Narrada casi en su totalidad en primera persona, por un personaje fácilmente identificable con el propio autor, la novela nos cuenta la decadencia y desintegración de una familia de Medellín. Fernando, el narrador y mayor de nueve hermanos, regresa al hogar, después de años de vivir en México, para asistir a su hermano Darío quien está muriendo de Sida, y a su padre también enfermo. De poco sirven sus esfuerzos y sus conocimientos de medicina, pues los dos mueren tras penosas agonías, pero el reencuentro al menos le permite recuperar, a través de largas conversaciones, los buenos momentos vividos con ambos: la infancia al lado del padre y las aventuras de juventud con Darío, en las que los hermanos (los dos homosexuales) incurrían en excesos de todo tipo.

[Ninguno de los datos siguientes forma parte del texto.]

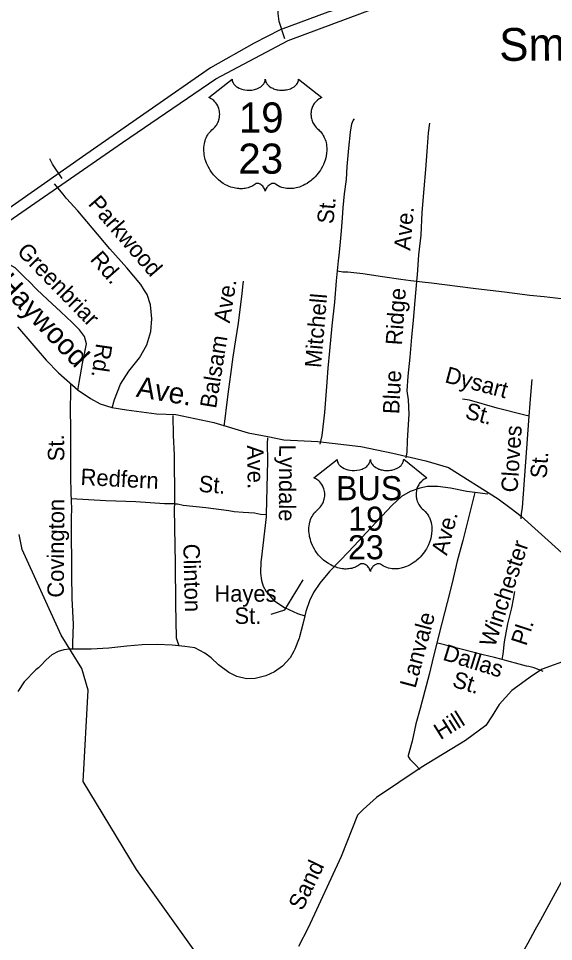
# Model space of a CAD drawing. Extents: x 925297 to 940193, y 663541 to 689899.
# Drawn here: x 927782 to 928271, y 687878 to 688722 of the extents above; entities that cross this region are included whole.
import ezdxf

# ---------------------------------------------------------------- set-up
doc = ezdxf.new("R2010")
doc.units = 0
doc.layers.add('Default', color=7, linetype='Continuous')
doc.layers.add('Old_Level_28', color=7, linetype='Continuous')

msp = doc.modelspace()

# ---------------------------------------------------------------- linework, layer by layer
at = {"layer": 'Default'}
msp.add_line((928210.79, 688287.08), (928199, 688288.68), dxfattribs=at)
for points in [[(928236.88, 688765.2), (928197.65, 688760.37), (928148.73, 688752.64), (928111.1, 688742.35), (928064.45, 688727.61), (928020.95, 688711.49), (927997.19, 688699.27), (927957.24, 688676.7), (927843.22, 688597.56), (927755.38, 688536.1), (927715.75, 688509.34), (927710.65, 688498.84)], [(927710.65, 688498.84), (927723.22, 688503.35), (927740.94, 688514.64), (927877, 688608.54), (927962.31, 688666.83), (928028.27, 688701.9), (928109.47, 688731.89), (928131.56, 688737.94), (928198.26, 688751.16), (928238.86, 688753.74)], [(928025.14, 688703.27), (928020.07, 688719.03), (928019.28, 688726.34), (928019.24, 688729.06)], [(928074.82, 688505.57), (928075.86, 688514.56), (928077.12, 688527.74), (928078.1, 688539.8), (928078.6, 688549.02), (928079.92, 688561.7), (928081.58, 688574.81), (928082.27, 688586.62), (928083.69, 688603.38), (928085.39, 688618.15), (928086.37, 688625.68), (928087.58, 688628.75), (928088.87, 688630.33)], [(928145.94, 688481.73), (928146.58, 688487.66), (928147.77, 688505.98), (928149.72, 688523.99), (928150.85, 688544.74), (928152.59, 688566.26), (928154.01, 688583.77), (928155.48, 688600.29), (928156.57, 688617.35), (928157.66, 688626.19)], [(927821.88, 688575.69), (927813, 688588.74), (927810.31, 688593.6)], [(927897.11, 688473.17), (927893.6, 688478.76), (927880.72, 688493.94), (927865.32, 688511.4), (927849, 688530.66), (927835.9, 688545.98), (927825.73, 688557.44), (927825.42, 688557.82), (927822.62, 688561.26), (927814.74, 688570.9)], [(927836.14, 688381.91), (927837.25, 688389.16), (927840.21, 688406.53), (927843.89, 688424.72), (927842.09, 688431.22), (927837.54, 688437.35), (927830.74, 688444.2), (927820.63, 688453.92), (927808.38, 688465.01), (927798.66, 688474.38), (927791.15, 688481.96), (927788.44, 688484.4), (927778.87, 688493.9), (927735.86, 688517.98)], [(928073.34, 688491.29), (928074.23, 688500.44), (928074.82, 688505.57)], [(928057.65, 688332.82), (928059.32, 688340.93), (928061.66, 688361.79), (928063.6, 688385.49), (928064.98, 688402.31), (928066.5, 688418.13), (928068.51, 688441.09), (928071.08, 688462.69), (928072.45, 688482.08), (928073.34, 688491.29)], [(928073.34, 688491.29), (928078.39, 688490.45), (928082.92, 688490.24), (928096.53, 688488.71), (928114.41, 688486.23), (928131.2, 688483.75), (928140.47, 688482.42), (928145.94, 688481.73)], [(927969.87, 688349.22), (927970.62, 688356.06), (927972.37, 688368.83), (927974.17, 688383.12), (927976, 688396.53), (927978.09, 688412.66), (927980.52, 688428.25), (927982.75, 688443.42), (927984.79, 688458.3), (927986.33, 688470.13), (927986.95, 688476.61), (927987.39, 688481.76)], [(928136.23, 688320.37), (928137.08, 688325.42), (928137.46, 688335.97), (928138.2, 688350.77), (928138.9, 688360.43), (928138.16, 688373.46), (928136.97, 688381.76), (928138.04, 688395.15), (928139.68, 688412.29), (928141.35, 688430.69), (928142.76, 688446.14), (928144.27, 688464.25), (928145.92, 688481.53), (928145.94, 688481.73)], [(928145.94, 688481.73), (928150.91, 688481.1), (928159.29, 688480.39), (928197.23, 688475.33), (928199.76, 688475.04)], [(927867.34, 688366.05), (927869.67, 688373.72), (927874.91, 688387.82), (927882.71, 688399.6), (927892.31, 688411.9), (927899.18, 688423.8), (927902.84, 688435.9), (927903.63, 688447.5), (927902.44, 688460.08), (927899.32, 688469.65), (927897.11, 688473.17)], [(928199.76, 688475.04), (928225.92, 688471.99), (928249.06, 688469.18), (928262.31, 688467.87), (928283.08, 688465.39), (928299.83, 688463.53), (928310.21, 688462.45), (928316.79, 688462.13), (928317.29, 688462.15)], [(927781, 688440.26), (927807.19, 688409.66), (927818.48, 688398.06), (927836.35, 688382.2), (927847.67, 688374.76), (927856.42, 688369.7), (927867.24, 688366.32), (927880.58, 688364.12), (927907.89, 688360.75), (927925.63, 688360.07), (927960.42, 688352.81), (927991.62, 688343.21), (928009.84, 688339.83), (928024.36, 688336.96), (928055.26, 688335.44), (928094.76, 688330.7), (928123.99, 688324.78), (928154.17, 688317.7), (928174.93, 688311.63), (928220.17, 688282.78), (928232, 688273.98), (928241.11, 688267.08), (928318.6, 688197.33)], [(928248.71, 688358.32), (928249.53, 688370.01), (928250.28, 688381.46), (928251.28, 688391.99)], [(927829.33, 688387.16), (927829.42, 688378.05), (927829.11, 688367.74), (927829.25, 688344.21), (927829.23, 688322.86), (927829.4, 688304.67), (927829.73, 688286.95), (927829.92, 688282.88)], [(928248.71, 688358.32), (928244.52, 688359.43), (928219.38, 688365.8), (928193.97, 688373.12), (928187.77, 688374)], [(927922.97, 688359), (927923.1, 688340.88), (927924.09, 688323.03), (927924.36, 688282.07), (927924.29, 688278.37)], [(928241.15, 688264.53), (928241.45, 688269.12), (928242.46, 688275.08), (928248.71, 688358.32)], [(928009.29, 688338.76), (928009.08, 688333.57), (928009.49, 688317.77), (928008.17, 688268.62)], [(928199, 688288.68), (928191.62, 688289.68), (928176.59, 688292.77), (928165.11, 688294.24), (928155.79, 688294.08), (928148.59, 688292.55), (928139.71, 688289.51), (928131.95, 688285.04), (928123.27, 688277.21), (928099.46, 688251.93), (928088.67, 688239.86), (928076.43, 688227.31), (928066.08, 688216.37), (928057.1, 688205.79), (928051.32, 688197.39), (928047.74, 688189.59), (928044.49, 688179.94), (928043.53, 688176.12)], [(928199, 688288.68), (928197.35, 688282.74), (928195.46, 688275.19), (928191.9, 688260.73), (928187.84, 688244.81), (928182.69, 688225.83), (928178.23, 688206.27), (928173.73, 688188.23), (928168.85, 688169.3), (928164.32, 688151.3), (928164.24, 688150.98)], [(927829.92, 688282.88), (927829.95, 688279.1), (927830.33, 688276.04), (927829.91, 688263.63), (927830.02, 688244.94), (927830.33, 688229.78), (927830.15, 688213.53), (927830.68, 688191.95), (927831.68, 688168.3), (927831.02, 688151.13), (927831.26, 688145.53)], [(927924.29, 688278.37), (927921.96, 688278.45), (927915.26, 688278.42), (927888.98, 688280.05), (927861.49, 688281.19), (927829.92, 688282.88)], [(927924.29, 688278.37), (927924.2, 688274.3), (927924.43, 688256.33), (927924.98, 688224.07), (927925.39, 688186.77), (927926.07, 688155.93), (927928.47, 688148.56)], [(927924.29, 688278.37), (927927.28, 688278.27), (927932.36, 688277.27), (927953, 688275.01), (927974.18, 688272.12), (927978.86, 688271.48), (927987.31, 688270.83), (927997.58, 688270.03), (928003.04, 688268.94), (928008.17, 688268.62)], [(928008.17, 688268.62), (928008.11, 688266.52), (928003.58, 688227.14), (928003.41, 688225.63), (928003.1, 688215.02), (928003.85, 688208.17), (928005.44, 688203.16), (928008.13, 688198.24), (928015.29, 688190.15), (928024.84, 688183.46), (928036.79, 688178.26), (928043.53, 688176.12)], [(928091.65, 687400.3), (928081, 687464), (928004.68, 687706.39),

Fernando culpa de todos los problemas y desgracias familiares a su propia madre, a la que denomina ` la Loca `: `con sus manos de caos, con su espíritu anárquico, con su genio endemoniado, la Loca boicoteaba todo intento de orden de parte nuestra`. Nunca trabajó y obligó a su esposo a mantener una familia demasiado numerosa (los niños dormían en habitaciones improvisadas) y complacerla en todos sus caprichos. Las diatribas de Fernando están dirigidas también contra el menor de los hermanos (el ambicioso `Cristoloco`), los políticos colombianos casi sin excepción y, especialmente, contra el Papa Juan Pablo II: `Juana Pabla Segunda la travesti duerme bien, come bien, coge bien… Alí Agcka, hijueputa, ¿por qué no le apuntaste bien``
Otro aspecto polémico de El desbarrancadero es su carácter autobiográfico. El Fernando del libro es el propio autor (quien también ha publicado una extensa autobiografía titulada El río del tiempo), así como Darío es el nombre de su verdadero hermano muerto de Sida hace cinco años, en circunstancias similares a las aquí narradas. `Para mí ficción es sinónimo de mentira, y yo odio la mentira`, ha declarado ante las aclaraciones y desmentidos hechos por su madre de 80 años de edad. Aclaraciones innecesarias, pues los lectores pueden darse cuenta que la narrativa de Vallejo se inscribe dentro de esa tradición literaria que va del Satiricón hasta El otoño del patriarca, en la que el humor y las exageraciones se convierten en las más certeras críticas ante problemas verdaderos.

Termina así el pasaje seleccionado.